_Problem to work on_
Every line of the records below that holds the word "normal" should be copied out.

[Opening Exercise material section]

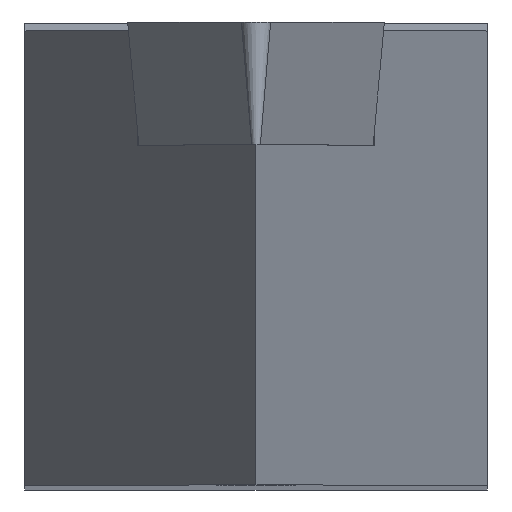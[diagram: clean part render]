
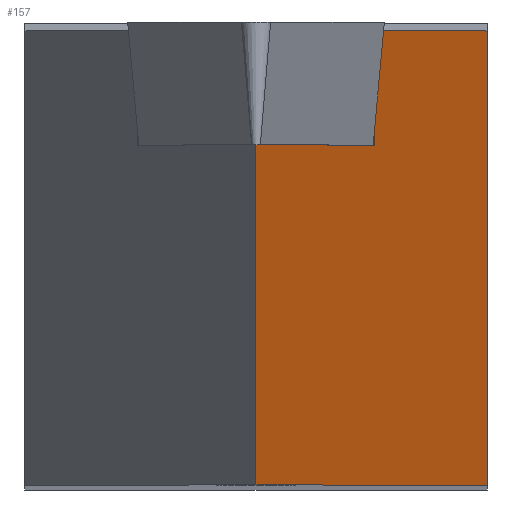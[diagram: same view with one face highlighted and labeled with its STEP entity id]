
A CAD part, top view. The second image highlights one B-rep face of the part: STEP entity #157.
In plain terms, the highlighted planar face has unit normal (0.954, 0, 0.301).
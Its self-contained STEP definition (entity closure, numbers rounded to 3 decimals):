
#157=ADVANCED_FACE('',(#210),#186,.F.);
#186=PLANE('',#722);
#210=FACE_OUTER_BOUND('',#245,.T.);
#245=EDGE_LOOP('',(#355,#356,#357,#358,#359,#360,#361,#362,#363));
#355=ORIENTED_EDGE('',*,*,#535,.T.);
#356=ORIENTED_EDGE('',*,*,#536,.T.);
#357=ORIENTED_EDGE('',*,*,#537,.F.);
#358=ORIENTED_EDGE('',*,*,#497,.F.);
#359=ORIENTED_EDGE('',*,*,#528,.F.);
#360=ORIENTED_EDGE('',*,*,#532,.F.);
#361=ORIENTED_EDGE('',*,*,#538,.F.);
#362=ORIENTED_EDGE('',*,*,#509,.F.);
#363=ORIENTED_EDGE('',*,*,#504,.T.);
#434=VERTEX_POINT('',#939);
#436=VERTEX_POINT('',#943);
#442=VERTEX_POINT('',#958);
#443=VERTEX_POINT('',#960);
#447=VERTEX_POINT('',#970);
#460=VERTEX_POINT('',#1007);
#463=VERTEX_POINT('',#1015);
#465=VERTEX_POINT('',#1022);
#466=VERTEX_POINT('',#1024);
#497=EDGE_CURVE('',#436,#434,#571,.T.);
#504=EDGE_CURVE('',#443,#442,#578,.T.);
#509=EDGE_CURVE('',#443,#447,#582,.T.);
#528=EDGE_CURVE('',#460,#436,#601,.T.);
#532=EDGE_CURVE('',#463,#460,#604,.T.);
#535=EDGE_CURVE('',#442,#465,#606,.T.);
#536=EDGE_CURVE('',#465,#466,#607,.T.);
#537=EDGE_CURVE('',#434,#466,#608,.T.);
#538=EDGE_CURVE('',#447,#463,#609,.T.);
#571=LINE('',#944,#640);
#578=LINE('',#959,#647);
#582=LINE('',#969,#651);
#601=LINE('',#1008,#670);
#604=LINE('',#1016,#673);
#606=LINE('',#1021,#675);
#607=LINE('',#1023,#676);
#608=LINE('',#1025,#677);
#609=LINE('',#1026,#678);
#640=VECTOR('',#785,1.);
#647=VECTOR('',#796,1.);
#651=VECTOR('',#804,1.);
#670=VECTOR('',#835,1.);
#673=VECTOR('',#842,1.);
#675=VECTOR('',#848,1.);
#676=VECTOR('',#849,1.);
#677=VECTOR('',#850,1.);
#678=VECTOR('',#851,1.);
#722=AXIS2_PLACEMENT_3D('',#1027,#852,#853);
#785=DIRECTION('',(0.045,0.989,-0.144));
#796=DIRECTION('',(0.,1.,0.));
#804=DIRECTION('',(-0.301,0.,0.954));
#835=DIRECTION('',(0.,1.,0.));
#842=DIRECTION('',(0.301,0.,-0.954));
#848=DIRECTION('',(-0.301,0.,0.954));
#849=DIRECTION('',(0.,-1.,0.));
#850=DIRECTION('',(0.301,0.,-0.954));
#851=DIRECTION('',(0.,1.,0.));
#852=DIRECTION('',(-0.954,0.,-0.301));
#853=DIRECTION('',(-0.301,0.,0.954));
#939=CARTESIAN_POINT('',(3.124,-0.5,-10.143));
#943=CARTESIAN_POINT('',(3.07,-1.68,-9.971));
#944=CARTESIAN_POINT('',(3.144,-0.074,-10.205));
#958=CARTESIAN_POINT('',(6.,-0.2,-19.263));
#959=CARTESIAN_POINT('',(6.,0.,-19.263));
#960=CARTESIAN_POINT('',(6.,-12.,-19.263));
#969=CARTESIAN_POINT('',(0.,-12.,-0.234));
#970=CARTESIAN_POINT('',(0.,-12.,-0.234));
#1007=CARTESIAN_POINT('',(3.07,-3.18,-9.971));
#1008=CARTESIAN_POINT('',(3.07,-3.18,-9.971));
#1015=CARTESIAN_POINT('',(0.,-3.18,-0.234));
#1016=CARTESIAN_POINT('',(-0.055,-3.18,-0.06));
#1021=CARTESIAN_POINT('',(0.,-0.2,-0.234));
#1022=CARTESIAN_POINT('',(3.243,-0.2,-10.519));
#1023=CARTESIAN_POINT('',(3.243,-12.,-10.519));
#1024=CARTESIAN_POINT('',(3.243,-0.5,-10.519));
#1025=CARTESIAN_POINT('',(0.,-0.5,-0.234));
#1026=CARTESIAN_POINT('',(0.,-12.,-0.234));
#1027=CARTESIAN_POINT('',(0.,-12.,-0.234));
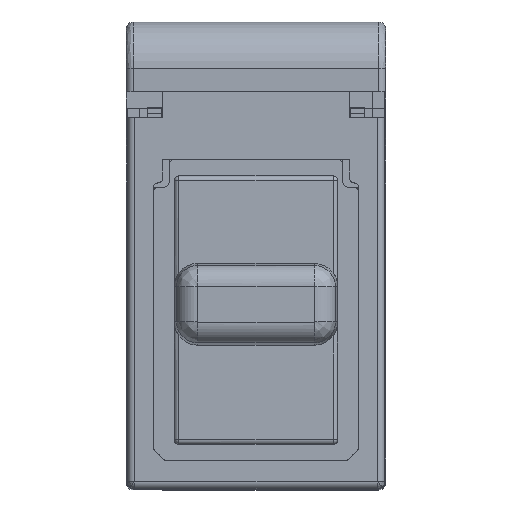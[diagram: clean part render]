
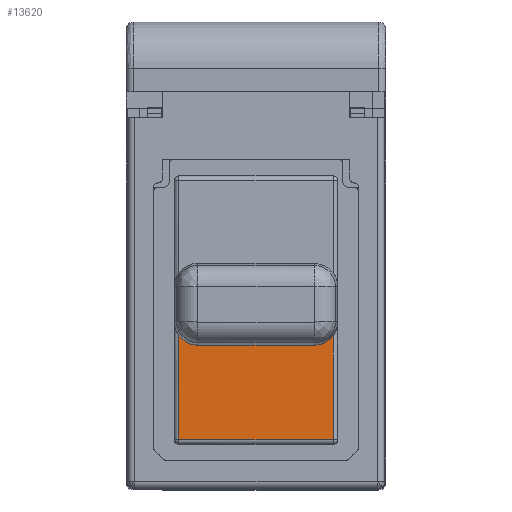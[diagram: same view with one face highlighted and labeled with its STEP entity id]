
A CAD part, top view. The second image highlights one B-rep face of the part: STEP entity #13620.
In plain terms, the highlighted planar face has unit normal (0, 0, 1).
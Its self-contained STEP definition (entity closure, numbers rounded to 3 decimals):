
#711 = CARTESIAN_POINT ( 'NONE',  ( -2.542, 1.75, 15.75 ) ) ;
#1242 = VERTEX_POINT ( 'NONE', #10726 ) ;
#1455 = EDGE_CURVE ( 'NONE', #25321, #1242, #58398, .T. ) ;
#2018 = VECTOR ( 'NONE', #19490, 1000. ) ;
#4509 = CARTESIAN_POINT ( 'NONE',  ( -1.854, 5.809, 15.75 ) ) ;
#4885 = CARTESIAN_POINT ( 'NONE',  ( -2.5, 1.75, 15.75 ) ) ;
#5072 = CARTESIAN_POINT ( 'NONE',  ( 4.1, 6.2, 15.75 ) ) ;
#5123 = CARTESIAN_POINT ( 'NONE',  ( -2.077, 5.871, 15.75 ) ) ;
#5422 = CARTESIAN_POINT ( 'NONE',  ( -2.5, 6.2, 15.75 ) ) ;
#6150 = VERTEX_POINT ( 'NONE', #38404 ) ;
#6154 = CARTESIAN_POINT ( 'NONE',  ( 4.1, 1.75, 15.75 ) ) ;
#8403 = CARTESIAN_POINT ( 'NONE',  ( 4.1, 6.2, 15.75 ) ) ;
#8444 = CARTESIAN_POINT ( 'NONE',  ( 4.55, 14.55, 15.75 ) ) ;
#9776 = CARTESIAN_POINT ( 'NONE',  ( 3.3, 5.8, 15.75 ) ) ;
#10358 = CARTESIAN_POINT ( 'NONE',  ( -2.287, 5.974, 15.75 ) ) ;
#10726 = CARTESIAN_POINT ( 'NONE',  ( -2.5, 6.2, 15.75 ) ) ;
#12418 = EDGE_CURVE ( 'NONE', #26004, #6150, #43874, .T. ) ;
#12897 = DIRECTION ( 'NONE',  ( -1., 0., 0. ) ) ;
#13400 = CARTESIAN_POINT ( 'NONE',  ( 3.459, 5.8, 15.75 ) ) ;
#13620 = ADVANCED_FACE ( 'NONE', ( #20576 ), #58191, .T. ) ;
#17028 = B_SPLINE_CURVE_WITH_KNOTS ( 'NONE', 3,
 ( #29219, #20889, #48331, #48628 ),
 .UNSPECIFIED., .F., .F.,
 ( 4, 4 ),
 ( 0., 1. ),
 .UNSPECIFIED. ) ;
#17978 = EDGE_CURVE ( 'NONE', #46570, #1242, #17028, .T. ) ;
#18014 = CARTESIAN_POINT ( 'NONE',  ( 4.053, 6.138, 15.75 ) ) ;
#19110 = B_SPLINE_CURVE_WITH_KNOTS ( 'NONE', 3,
 ( #5072, #18014, #36812, #23861, #42657, #50997, #13400, #27563 ),
 .UNSPECIFIED., .F., .F.,
 ( 4, 2, 2, 4 ),
 ( 0., 0.25, 0.5, 1. ),
 .UNSPECIFIED. ) ;
#19490 = DIRECTION ( 'NONE',  ( -1., 0., 0. ) ) ;
#19690 = EDGE_CURVE ( 'NONE', #26004, #40914, #19110, .T. ) ;
#20576 = FACE_OUTER_BOUND ( 'NONE', #28683, .T. ) ;
#20889 = CARTESIAN_POINT ( 'NONE',  ( -2.5, 3.233, 15.75 ) ) ;
#23040 = EDGE_CURVE ( 'NONE', #6150, #46570, #24106, .T. ) ;
#23861 = CARTESIAN_POINT ( 'NONE',  ( 3.883, 5.984, 15.75 ) ) ;
#24106 = LINE ( 'NONE', #711, #2018 ) ;
#25321 = VERTEX_POINT ( 'NONE', #51705 ) ;
#26004 = VERTEX_POINT ( 'NONE', #8403 ) ;
#27563 = CARTESIAN_POINT ( 'NONE',  ( 3.3, 5.8, 15.75 ) ) ;
#28683 = EDGE_LOOP ( 'NONE', ( #45519, #59233, #45717, #55416, #56362, #34226 ) ) ;
#29071 = AXIS2_PLACEMENT_3D ( 'NONE', #8444, #43680, #39985 ) ;
#29142 = CARTESIAN_POINT ( 'NONE',  ( -1.7, 5.8, 15.75 ) ) ;
#29219 = CARTESIAN_POINT ( 'NONE',  ( -2.5, 1.75, 15.75 ) ) ;
#29579 = CARTESIAN_POINT ( 'NONE',  ( 4.1, 4.717, 15.75 ) ) ;
#32286 = VECTOR ( 'NONE', #12897, 1000. ) ;
#34226 = ORIENTED_EDGE ( 'NONE', *, *, #17978, .F. ) ;
#35383 = EDGE_CURVE ( 'NONE', #40914, #25321, #37221, .T. ) ;
#36812 = CARTESIAN_POINT ( 'NONE',  ( 4.001, 6.082, 15.75 ) ) ;
#37221 = LINE ( 'NONE', #55438, #32286 ) ;
#38404 = CARTESIAN_POINT ( 'NONE',  ( 4.1, 1.75, 15.75 ) ) ;
#39985 = DIRECTION ( 'NONE',  ( 1., 0., 0. ) ) ;
#40914 = VERTEX_POINT ( 'NONE', #9776 ) ;
#42657 = CARTESIAN_POINT ( 'NONE',  ( 3.817, 5.941, 15.75 ) ) ;
#43314 = CARTESIAN_POINT ( 'NONE',  ( -2.404, 6.073, 15.75 ) ) ;
#43680 = DIRECTION ( 'NONE',  ( 0., 0., 1. ) ) ;
#43874 = B_SPLINE_CURVE_WITH_KNOTS ( 'NONE', 3,
 ( #47779, #29579, #48381, #6154 ),
 .UNSPECIFIED., .F., .F.,
 ( 4, 4 ),
 ( 0., 1. ),
 .UNSPECIFIED. ) ;
#45519 = ORIENTED_EDGE ( 'NONE', *, *, #23040, .F. ) ;
#45717 = ORIENTED_EDGE ( 'NONE', *, *, #19690, .T. ) ;
#46570 = VERTEX_POINT ( 'NONE', #4885 ) ;
#47779 = CARTESIAN_POINT ( 'NONE',  ( 4.1, 6.2, 15.75 ) ) ;
#48331 = CARTESIAN_POINT ( 'NONE',  ( -2.5, 4.717, 15.75 ) ) ;
#48381 = CARTESIAN_POINT ( 'NONE',  ( 4.1, 3.233, 15.75 ) ) ;
#48628 = CARTESIAN_POINT ( 'NONE',  ( -2.5, 6.2, 15.75 ) ) ;
#50997 = CARTESIAN_POINT ( 'NONE',  ( 3.608, 5.835, 15.75 ) ) ;
#51705 = CARTESIAN_POINT ( 'NONE',  ( -1.7, 5.8, 15.75 ) ) ;
#52296 = CARTESIAN_POINT ( 'NONE',  ( -1.778, 5.8, 15.75 ) ) ;
#55416 = ORIENTED_EDGE ( 'NONE', *, *, #35383, .T. ) ;
#55438 = CARTESIAN_POINT ( 'NONE',  ( 4.55, 5.8, 15.75 ) ) ;
#56362 = ORIENTED_EDGE ( 'NONE', *, *, #1455, .T. ) ;
#57224 = CARTESIAN_POINT ( 'NONE',  ( -2.003, 5.844, 15.75 ) ) ;
#58191 = PLANE ( 'NONE',  #29071 ) ;
#58398 = B_SPLINE_CURVE_WITH_KNOTS ( 'NONE', 3,
 ( #29142, #52296, #4509, #57224, #5123, #10358, #43314, #5422 ),
 .UNSPECIFIED., .F., .F.,
 ( 4, 2, 2, 4 ),
 ( 0., 0.25, 0.5, 1. ),
 .UNSPECIFIED. ) ;
#59233 = ORIENTED_EDGE ( 'NONE', *, *, #12418, .F. ) ;

[Closing Exercise material section]

_Answer to this task_
In plain terms, the highlighted planar face has unit normal (0.954, 0, 0.301).
In plain terms, the highlighted planar face has unit normal (0, 0, 1).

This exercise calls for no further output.